_Problem description_.
Given the listing that follows, report all lines in which the string "drawing" occurs.

_Available data_.
* * * * * * *

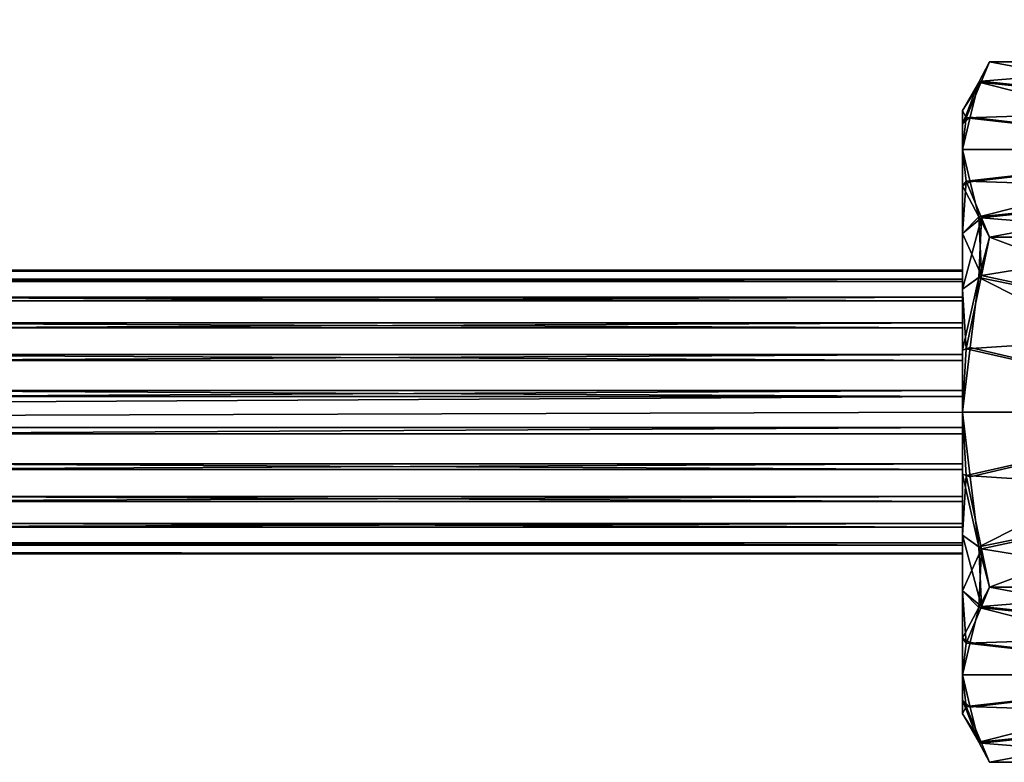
# Model space of a CAD drawing. Extents: x -0.028 to 0.426, y -0.068 to 0.017.
# Tile 238 of 256: x 0.293 to 0.32, y -0.025 to -0.004. Entities that reach past the tile are written whole.
import ezdxf

# ---------------------------------------------------------------- set-up
doc = ezdxf.new("R2010")
doc.units = 0
doc.layers.add('mesh', color=7, linetype='CONTINUOUS')

msp = doc.modelspace()

# ---------------------------------------------------------------- meshes
at = {"layer": 'mesh'}
mesh = msp.add_polyface(dxfattribs=at)
corners = [(0.29679, 0.003044, -0.03641), (0.295052, 0.005415, -0.025529), (0.29679, 0.003044, -0.024874), (0.295052, 0.005415, -0.035755), (0.296236, 0.008105, -0.024874), (0.296236, 0.008105, -0.03641), (0.297062, 0.007978, -0.024392), (0.29701, 0.005629, -0.024392), (0.29701, 0.005629, -0.036892), (0.296457, 0.006609, 0.015034), (0.296781, 0.00415, -0.022893), (0.296457, 0.006609, -0.022893), (0.319205, -0.013713, -0.000301), (0.12951, -0.013713, -0.000301), (0.319205, -0.014727, -0.000549), (0.319205, -0.012798, 0.000201), (0.12951, -0.012798, 0.000201), (0.319205, -0.012043, 0.000923), (0.12951, -0.012043, 0.000923), (0.319205, -0.011502, 0.001816), (0.12951, -0.011502, 0.001816), (0.319205, -0.011209, 0.002818), (0.12951, -0.011209, 0.002818), (0.319205, -0.011187, 0.003862), (0.12951, -0.011163, 0.003427), (0.12951, -0.015771, -0.000527), (0.319205, -0.015163, -0.000573), (0.12951, -0.014727, -0.000549), (0.319205, -0.011435, 0.004877), (0.12951, -0.011435, 0.004877), (0.319205, -0.011937, 0.005792), (0.12951, -0.011937, 0.005792), (0.319205, -0.012659, 0.006546), (0.12951, -0.012659, 0.006546), (0.319205, -0.013552, 0.007088), (0.12951, -0.013552, 0.007088), (0.319205, -0.014554, 0.00738), (0.12951, -0.014554, 0.00738), (0.319205, -0.015598, 0.007403), (0.12951, -0.015598, 0.007403), (0.12951, -0.016613, 0.007155), (0.319205, -0.016613, 0.007155), (0.12951, -0.017528, 0.006653), (0.319205, -0.017528, 0.006653), (0.12951, -0.018282, 0.005931), (0.319205, -0.018282, 0.005931), (0.12951, -0.018824, 0.005038), (0.319205, -0.018824, 0.005038), (0.12951, -0.019116, 0.004035), (0.319205, -0.019116, 0.004035), (0.12951, -0.019139, 0.002991), (0.319205, -0.019139, 0.002991), (0.12951, -0.018891, 0.001977), (0.319205, -0.018891, 0.001977), (0.12951, -0.018389, 0.001062), (0.319205, -0.018389, 0.001062), (0.12951, -0.017667, 0.000307), (0.319205, -0.017667, 0.000307), (0.12951, -0.016774, -0.000234), (0.319205, -0.016774, -0.000234), (0.319205, -0.015771, -0.000527)]
mesh.append_faces([[corners[k] for k in face] for face in [(0, 1, 2, 2), (3, 1, 0, 0), (4, 3, 5, 5), (1, 3, 4, 4), (6, 1, 4, 4), (7, 2, 1, 1), (8, 5, 3, 3), (9, 10, 11, 11), (12, 13, 14, 14), (15, 16, 12, 12), (17, 18, 15, 15), (19, 20, 17, 17), (21, 22, 19, 19), (23, 24, 21, 21), (14, 25, 26, 26), (13, 27, 14, 14), (28, 29, 23, 23), (30, 31, 28, 28), (32, 33, 30, 30), (34, 35, 32, 32), (36, 37, 34, 34), (38, 39, 36, 36), (38, 40, 39, 39), (41, 40, 38, 38), (41, 42, 40, 40), (43, 42, 41, 41), (43, 44, 42, 42), (45, 44, 43, 43), (45, 46, 44, 44), (47, 46, 45, 45), (47, 48, 46, 46), (49, 48, 47, 47), (49, 50, 48, 48), (51, 50, 49, 49), (51, 52, 50, 50), (53, 52, 51, 51), (53, 54, 52, 52), (55, 54, 53, 53), (55, 56, 54, 54), (57, 56, 55, 55), (57, 58, 56, 56), (59, 58, 57, 57), (59, 25, 58, 58), (60, 25, 59, 59), (60, 26, 25, 25)]])
mesh = msp.add_polyface(dxfattribs=at)
corners = [(0.317186, -0.001438, -0.010877), (0.320237, -0.001438, -0.010877), (0.317186, -0.000606, -0.012886), (0.320237, -0.001722, -0.00872), (0.317186, -0.001722, -0.00872), (0.320237, -0.001438, -0.006564), (0.317186, -0.001438, -0.006564), (0.320237, -0.000606, -0.004555), (0.317186, -0.000606, -0.004555), (0.312633, -0.001067, -0.014235), (0.317186, -0.001109, -0.01426), (0.313004, -0.000899, -0.014542), (0.317186, -0.002236, -0.012187), (0.310133, -0.002204, -0.01217), (0.309867, -0.002325, -0.011951), (0.317186, -0.002818, -0.0099), (0.307376, -0.002787, -0.007548), (0.317186, -0.002818, -0.007541), (0.317186, -0.002236, -0.005254), (0.3126, -0.001032, -0.003232), (0.317186, -0.001109, -0.003181), (0.31079, -0.002012, -0.004728), (0.310126, -0.002162, -0.005276), (0.319205, -0.008825, 0.009091), (0.319311, -0.008689, 0.009213), (0.319205, -0.010159, 0.010298), (0.319205, -0.007802, 0.007678), (0.319739, -0.005887, 0.002494), (0.319964, -0.005348, 0.003428), (0.319667, -0.005916, 0.004412), (0.319205, -0.007089, 0.006085), (0.319427, -0.006893, 0.006104), (0.319205, -0.006711, 0.004327), (0.319205, -0.00671, 0.002529), (0.319311, -0.006915, 0.000713), (0.319205, -0.007089, 0.000771), (0.319205, -0.007801, -0.000822), (0.319205, -0.008824, -0.002236), (0.319427, -0.008709, -0.002396), (0.319667, -0.009687, -0.004089), (0.319205, -0.010157, -0.003443), (0.319205, -0.012043, 0.000923), (0.319205, -0.011435, 0.004877), (0.319205, -0.011187, 0.003862), (0.319205, -0.011209, 0.002818), (0.319205, -0.011502, 0.001816)]
mesh.append_faces([[corners[k] for k in face] for face in [(0, 1, 2, 2), (0, 3, 1, 1), (4, 3, 0, 0), (4, 5, 3, 3), (6, 5, 4, 4), (6, 7, 5, 5), (8, 7, 6, 6), (9, 10, 11, 11), (9, 12, 10, 10), (13, 12, 9, 9), (14, 15, 12, 12), (16, 17, 15, 15), (16, 18, 17, 17), (18, 19, 20, 20), (18, 21, 19, 19), (22, 21, 18, 18), (0, 15, 4, 4), (0, 12, 15, 15), (2, 12, 0, 0), (2, 10, 12, 12), (6, 20, 8, 8), (6, 18, 20, 20), (4, 18, 6, 6), (4, 17, 18, 18), (15, 17, 4, 4), (23, 24, 25, 25), (23, 26, 24, 24), (27, 28, 29, 29), (30, 31, 26, 26), (30, 29, 31, 31), (32, 29, 30, 30), (32, 27, 29, 29), (33, 27, 32, 32), (33, 34, 27, 27), (35, 34, 33, 33), (35, 36, 34, 34), (37, 38, 36, 36), (37, 39, 38, 38), (40, 39, 37, 37), (41, 37, 36, 36), (42, 30, 26, 26), (43, 32, 30, 30), (44, 33, 32, 32), (45, 35, 33, 33), (36, 35, 45, 45)]])
mesh = msp.add_polyface(dxfattribs=at)
corners = [(0.319667, -0.011392, 0.011927), (0.327157, -0.015164, 0.011927), (0.319427, -0.013347, 0.011927), (0.326984, -0.012886, 0.011927), (0.319964, -0.010256, 0.011927), (0.326398, -0.010256, 0.011927), (0.319205, -0.015164, 0.011927), (0.319667, -0.005916, 0.004412), (0.327157, -0.007802, 0.007678), (0.319427, -0.006893, 0.006104), (0.326984, -0.006663, 0.005705), (0.319964, -0.005348, 0.003428), (0.326398, -0.005348, 0.003428), (0.319739, -0.009717, 0.010994), (0.326984, -0.008941, 0.00965), (0.319311, -0.008689, 0.009213), (0.319205, -0.007802, 0.007678), (0.319667, -0.009687, -0.004089), (0.327157, -0.007801, -0.000822), (0.319427, -0.008709, -0.002396), (0.326984, -0.00894, -0.002795), (0.319964, -0.010254, -0.005073), (0.326398, -0.010254, -0.005073), (0.319739, -0.005887, 0.002494), (0.326984, -0.006663, 0.00115), (0.319311, -0.006915, 0.000713), (0.319205, -0.007801, -0.000822), (0.319739, -0.011333, -0.005073), (0.326984, -0.012884, -0.005073), (0.319311, -0.013389, -0.005073), (0.327157, -0.015162, -0.005073), (0.319205, -0.015162, -0.005073), (0.327504, -0.007532, 0.005472), (0.327504, -0.008322, 0.007378), (0.327504, -0.009577, 0.009014), (0.327504, -0.011214, 0.010269), (0.327504, -0.013119, 0.011058), (0.327504, -0.015162, -0.004473), (0.327504, -0.013117, -0.004204), (0.327504, -0.011212, -0.003414), (0.327504, -0.009576, -0.002159), (0.327504, -0.008321, -0.000522), (0.327504, -0.007532, 0.001383), (0.327504, -0.007263, 0.003428)]
mesh.append_faces([[corners[k] for k in face] for face in [(0, 1, 2, 2), (0, 3, 1, 1), (4, 3, 0, 0), (4, 5, 3, 3), (6, 2, 1, 1), (7, 8, 9, 9), (7, 10, 8, 8), (11, 10, 7, 7), (11, 12, 10, 10), (13, 5, 4, 4), (13, 14, 5, 5), (15, 14, 13, 13), (15, 8, 14, 14), (16, 8, 15, 15), (16, 9, 8, 8), (17, 18, 19, 19), (17, 20, 18, 18), (21, 20, 17, 17), (21, 22, 20, 20), (23, 12, 11, 11), (23, 24, 12, 12), (25, 24, 23, 23), (25, 18, 24, 24), (26, 18, 25, 25), (26, 19, 18, 18), (27, 22, 21, 21), (27, 28, 22, 22), (29, 28, 27, 27), (29, 30, 28, 28), (31, 30, 29, 29), (32, 8, 10, 10), (33, 14, 8, 8), (34, 5, 14, 14), (35, 5, 34, 34), (35, 3, 5, 5), (36, 1, 3, 3), (37, 28, 30, 30), (38, 22, 28, 28), (39, 22, 38, 38), (39, 20, 22, 22), (40, 18, 20, 20), (41, 24, 18, 18), (42, 12, 24, 24), (43, 10, 12, 12)]])
mesh = msp.add_polyface(dxfattribs=at)
corners = [(0.12951, -0.019116, 0.004035), (0.12951, -0.023427, 0.005417), (0.12951, -0.022823, 0.007111), (0.12951, -0.02366, 0.003634), (0.12951, -0.013713, -0.000301), (0.12951, -0.012754, -0.004725), (0.12951, -0.014523, -0.005049), (0.12951, -0.011093, -0.004036), (0.12951, -0.012798, 0.000201), (0.12951, -0.009615, -0.003013), (0.12951, -0.012043, 0.000923), (0.12951, -0.008416, -0.001744), (0.12951, -0.011502, 0.001816), (0.12951, -0.007503, -0.000257), (0.12951, -0.011209, 0.002818), (0.12951, -0.006899, 0.001437), (0.12951, -0.011163, 0.003427), (0.12951, -0.006665, 0.00322), (0.12951, -0.011187, 0.003862), (0.12951, -0.006812, 0.005012), (0.12951, -0.011435, 0.004877), (0.12951, -0.007312, 0.006684), (0.12951, -0.011937, 0.005792), (0.12951, -0.008142, 0.008219), (0.12951, -0.012659, 0.006546), (0.12951, -0.009308, 0.009589), (0.12951, -0.010735, 0.010682), (0.12951, -0.013552, 0.007088), (0.12951, -0.01236, 0.011452), (0.12951, -0.014554, 0.00738), (0.12951, -0.014058, 0.011855), (0.12951, -0.015598, 0.007403), (0.12951, -0.015803, 0.011903), (0.12951, -0.016613, 0.007155), (0.12951, -0.017571, 0.011579), (0.12951, -0.019232, 0.010889), (0.319205, -0.013713, -0.000301), (0.319205, -0.012798, 0.000201), (0.319205, -0.012043, 0.000923), (0.319205, -0.011502, 0.001816), (0.319205, -0.011209, 0.002818), (0.319205, -0.014727, -0.000549), (0.12951, -0.014727, -0.000549), (0.12951, -0.015771, -0.000527), (0.319205, -0.011187, 0.003862), (0.319205, -0.011435, 0.004877), (0.319205, -0.011937, 0.005792), (0.319205, -0.012659, 0.006546), (0.319205, -0.013552, 0.007088), (0.319205, -0.014554, 0.00738)]
mesh.append_faces([[corners[k] for k in face] for face in [(0, 1, 2, 2), (3, 1, 0, 0), (4, 5, 6, 6), (4, 7, 5, 5), (8, 7, 4, 4), (8, 9, 7, 7), (10, 9, 8, 8), (10, 11, 9, 9), (12, 11, 10, 10), (12, 13, 11, 11), (14, 13, 12, 12), (14, 15, 13, 13), (16, 15, 14, 14), (16, 17, 15, 15), (18, 17, 16, 16), (18, 19, 17, 17), (20, 19, 18, 18), (20, 21, 19, 19), (22, 21, 20, 20), (22, 23, 21, 21), (24, 23, 22, 22), (24, 25, 23, 23), (24, 26, 25, 25), (27, 26, 24, 24), (27, 28, 26, 26), (29, 28, 27, 27), (29, 30, 28, 28), (31, 30, 29, 29), (31, 32, 30, 30), (33, 32, 31, 31), (33, 34, 32, 32), (35, 34, 33, 33), (36, 8, 4, 4), (37, 10, 8, 8), (38, 12, 10, 10), (39, 14, 12, 12), (40, 16, 14, 14), (41, 42, 43, 43), (44, 18, 16, 16), (44, 20, 18, 18), (45, 22, 20, 20), (46, 24, 22, 22), (47, 27, 24, 24), (48, 29, 27, 27), (49, 31, 29, 29)]])
mesh = msp.add_polyface(dxfattribs=at)
corners = [(0.319205, -0.0169, 0.011748), (0.319205, -0.015164, 0.011927), (0.319311, -0.016937, 0.011927), (0.319739, -0.009717, 0.010994), (0.319964, -0.010256, 0.011927), (0.319667, -0.011392, 0.011927), (0.319205, -0.013428, 0.011748), (0.319427, -0.013347, 0.011927), (0.319205, -0.011716, 0.011197), (0.319205, -0.010159, 0.010298), (0.319311, -0.008689, 0.009213), (0.319739, -0.011333, -0.005073), (0.319964, -0.010254, -0.005073), (0.319667, -0.009687, -0.004089), (0.319205, -0.010157, -0.003443), (0.319205, -0.011715, -0.004342), (0.319311, -0.013389, -0.005073), (0.319205, -0.013426, -0.004894), (0.319205, -0.015162, -0.005073), (0.319205, -0.016898, -0.004894), (0.319427, -0.016979, -0.005073), (0.319667, -0.018934, -0.005073), (0.319205, -0.012043, 0.000923), (0.319205, -0.007801, -0.000822), (0.319205, -0.011502, 0.001816), (0.319205, -0.012798, 0.000201), (0.319205, -0.008824, -0.002236), (0.319205, -0.013713, -0.000301), (0.319205, -0.014727, -0.000549), (0.319205, -0.015163, -0.000573), (0.319205, -0.015771, -0.000527), (0.319205, -0.016774, -0.000234), (0.319205, -0.01861, -0.004343), (0.319205, -0.011435, 0.004877), (0.319205, -0.007802, 0.007678), (0.319205, -0.011937, 0.005792), (0.319205, -0.011187, 0.003862), (0.319205, -0.007089, 0.006085), (0.319205, -0.011209, 0.002818), (0.319205, -0.006711, 0.004327), (0.319205, -0.00671, 0.002529), (0.319205, -0.014554, 0.00738), (0.319205, -0.015598, 0.007403), (0.319205, -0.013552, 0.007088), (0.319205, -0.012659, 0.006546), (0.319205, -0.008825, 0.009091), (0.319205, -0.018611, 0.011196), (0.319205, -0.016613, 0.007155)]
mesh.append_faces([[corners[k] for k in face] for face in [(0, 1, 2, 2), (3, 4, 5, 5), (6, 7, 1, 1), (6, 5, 7, 7), (8, 5, 6, 6), (8, 3, 5, 5), (9, 3, 8, 8), (9, 10, 3, 3), (11, 12, 13, 13), (14, 11, 13, 13), (15, 11, 14, 14), (15, 16, 11, 11), (17, 16, 15, 15), (17, 18, 16, 16), (19, 20, 18, 18), (19, 21, 20, 20), (22, 23, 24, 24), (25, 26, 22, 22), (25, 14, 26, 26), (27, 14, 25, 25), (27, 15, 14, 14), (28, 15, 27, 27), (28, 17, 15, 15), (29, 17, 28, 28), (29, 18, 17, 17), (30, 18, 29, 29), (30, 19, 18, 18), (31, 19, 30, 30), (31, 32, 19, 19), (33, 34, 35, 35), (36, 37, 33, 33), (38, 39, 36, 36), (24, 40, 38, 38), (41, 1, 42, 42), (41, 6, 1, 1), (43, 6, 41, 41), (43, 8, 6, 6), (44, 8, 43, 43), (44, 9, 8, 8), (35, 9, 44, 44), (35, 45, 9, 9), (34, 45, 35, 35), (42, 46, 47, 47), (42, 0, 46, 46), (1, 0, 42, 42)]])
mesh = msp.add_polyface(dxfattribs=at)
corners = [(0.319739, -0.018993, 0.011927), (0.326398, -0.020071, 0.011926), (0.319964, -0.020071, 0.011926), (0.326984, -0.017441, 0.011927), (0.319311, -0.016937, 0.011927), (0.327157, -0.015164, 0.011927), (0.319205, -0.015164, 0.011927), (0.319667, -0.018934, -0.005073), (0.327157, -0.015162, -0.005073), (0.319427, -0.016979, -0.005073), (0.326984, -0.01744, -0.005073), (0.319964, -0.020069, -0.005074), (0.326398, -0.020069, -0.005074), (0.319205, -0.015162, -0.005073), (0.319667, -0.02441, 0.002442), (0.327157, -0.022524, -0.000824), (0.319427, -0.023432, 0.000749), (0.326984, -0.023663, 0.001148), (0.319964, -0.024978, 0.003426), (0.326398, -0.024978, 0.003426), (0.319739, -0.020609, -0.00414), (0.326984, -0.021385, -0.002796), (0.319311, -0.021637, -0.002359), (0.319205, -0.022524, -0.000824), (0.319667, -0.020639, 0.010943), (0.327157, -0.022525, 0.007676), (0.319427, -0.021616, 0.00925), (0.326984, -0.021386, 0.009649), (0.319739, -0.024439, 0.00436), (0.326984, -0.023663, 0.005704), (0.319311, -0.023411, 0.00614), (0.319205, -0.022525, 0.007676), (0.327504, -0.015164, 0.011327), (0.327504, -0.017208, 0.011058), (0.327504, -0.019114, 0.010268), (0.327504, -0.02075, 0.009012), (0.327504, -0.022005, 0.007376), (0.327504, -0.022794, 0.005471), (0.327504, -0.023063, 0.003426), (0.327504, -0.022793, 0.001381), (0.327504, -0.022004, -0.000524), (0.327504, -0.020748, -0.00216), (0.327504, -0.019112, -0.003415), (0.327504, -0.017207, -0.004204)]
mesh.append_faces([[corners[k] for k in face] for face in [(0, 1, 2, 2), (0, 3, 1, 1), (4, 3, 0, 0), (4, 5, 3, 3), (6, 5, 4, 4), (7, 8, 9, 9), (7, 10, 8, 8), (11, 10, 7, 7), (11, 12, 10, 10), (13, 9, 8, 8), (14, 15, 16, 16), (14, 17, 15, 15), (18, 17, 14, 14), (18, 19, 17, 17), (20, 12, 11, 11), (20, 21, 12, 12), (22, 21, 20, 20), (22, 15, 21, 21), (23, 15, 22, 22), (23, 16, 15, 15), (24, 25, 26, 26), (24, 27, 25, 25), (2, 27, 24, 24), (2, 1, 27, 27), (28, 19, 18, 18), (28, 29, 19, 19), (30, 29, 28, 28), (30, 25, 29, 29), (31, 25, 30, 30), (31, 26, 25, 25), (32, 3, 5, 5), (33, 1, 3, 3), (34, 1, 33, 33), (34, 27, 1, 1), (35, 25, 27, 27), (36, 29, 25, 25), (37, 19, 29, 29), (38, 19, 37, 37), (38, 17, 19, 19), (39, 15, 17, 17), (40, 21, 15, 15), (41, 12, 21, 21), (42, 10, 12, 12), (43, 8, 10, 10)]])
mesh = msp.add_polyface(dxfattribs=at)
corners = [(0.319739, -0.018993, 0.011927), (0.319964, -0.020071, 0.011926), (0.319667, -0.020639, 0.010943), (0.319205, -0.021502, 0.00909), (0.319427, -0.021616, 0.00925), (0.319205, -0.022525, 0.007676), (0.319205, -0.020168, 0.010297), (0.319205, -0.018611, 0.011196), (0.319311, -0.016937, 0.011927), (0.319205, -0.0169, 0.011748), (0.319739, -0.020609, -0.00414), (0.319964, -0.020069, -0.005074), (0.319667, -0.018934, -0.005073), (0.319205, -0.01861, -0.004343), (0.319205, -0.016898, -0.004894), (0.319205, -0.020167, -0.003444), (0.319311, -0.021637, -0.002359), (0.319205, -0.0215, -0.002238), (0.319205, -0.022524, -0.000824), (0.319739, -0.024439, 0.00436), (0.319964, -0.024978, 0.003426), (0.319667, -0.02441, 0.002442), (0.319205, -0.023237, 0.000769), (0.319427, -0.023432, 0.000749), (0.319205, -0.023615, 0.002527), (0.319205, -0.023615, 0.004325), (0.319311, -0.023411, 0.00614), (0.319205, -0.023237, 0.006083), (0.319205, -0.017667, 0.000307), (0.319205, -0.016774, -0.000234), (0.319205, -0.018389, 0.001062), (0.319205, -0.018891, 0.001977), (0.319205, -0.019139, 0.002991), (0.319205, -0.019116, 0.004035), (0.319205, -0.018824, 0.005038), (0.319205, -0.018282, 0.005931), (0.319205, -0.017528, 0.006653), (0.319205, -0.016613, 0.007155)]
mesh.append_faces([[corners[k] for k in face] for face in [(0, 1, 2, 2), (3, 4, 5, 5), (3, 2, 4, 4), (6, 2, 3, 3), (6, 0, 2, 2), (7, 0, 6, 6), (7, 8, 0, 0), (9, 8, 7, 7), (10, 11, 12, 12), (13, 12, 14, 14), (13, 10, 12, 12), (15, 10, 13, 13), (15, 16, 10, 10), (17, 16, 15, 15), (17, 18, 16, 16), (19, 20, 21, 21), (22, 23, 18, 18), (22, 21, 23, 23), (24, 21, 22, 22), (24, 19, 21, 21), (25, 19, 24, 24), (25, 26, 19, 19), (27, 26, 25, 25), (27, 5, 26, 26), (28, 13, 29, 29), (28, 15, 13, 13), (30, 15, 28, 28), (30, 17, 15, 15), (30, 18, 17, 17), (31, 18, 30, 30), (31, 22, 18, 18), (32, 22, 31, 31), (32, 24, 22, 22), (33, 24, 32, 32), (33, 25, 24, 24), (34, 25, 33, 33), (34, 27, 25, 25), (34, 5, 27, 27), (35, 5, 34, 34), (35, 3, 5, 5), (36, 3, 35, 35), (36, 6, 3, 3), (37, 6, 36, 36), (37, 7, 6, 6)]])

doc.saveas('drawing.dxf')

* * * * * * *

_Response_.
# Model space of a CAD drawing. Extents: x -0.028 to 0.426, y -0.068 to 0.017.
doc.saveas('drawing.dxf')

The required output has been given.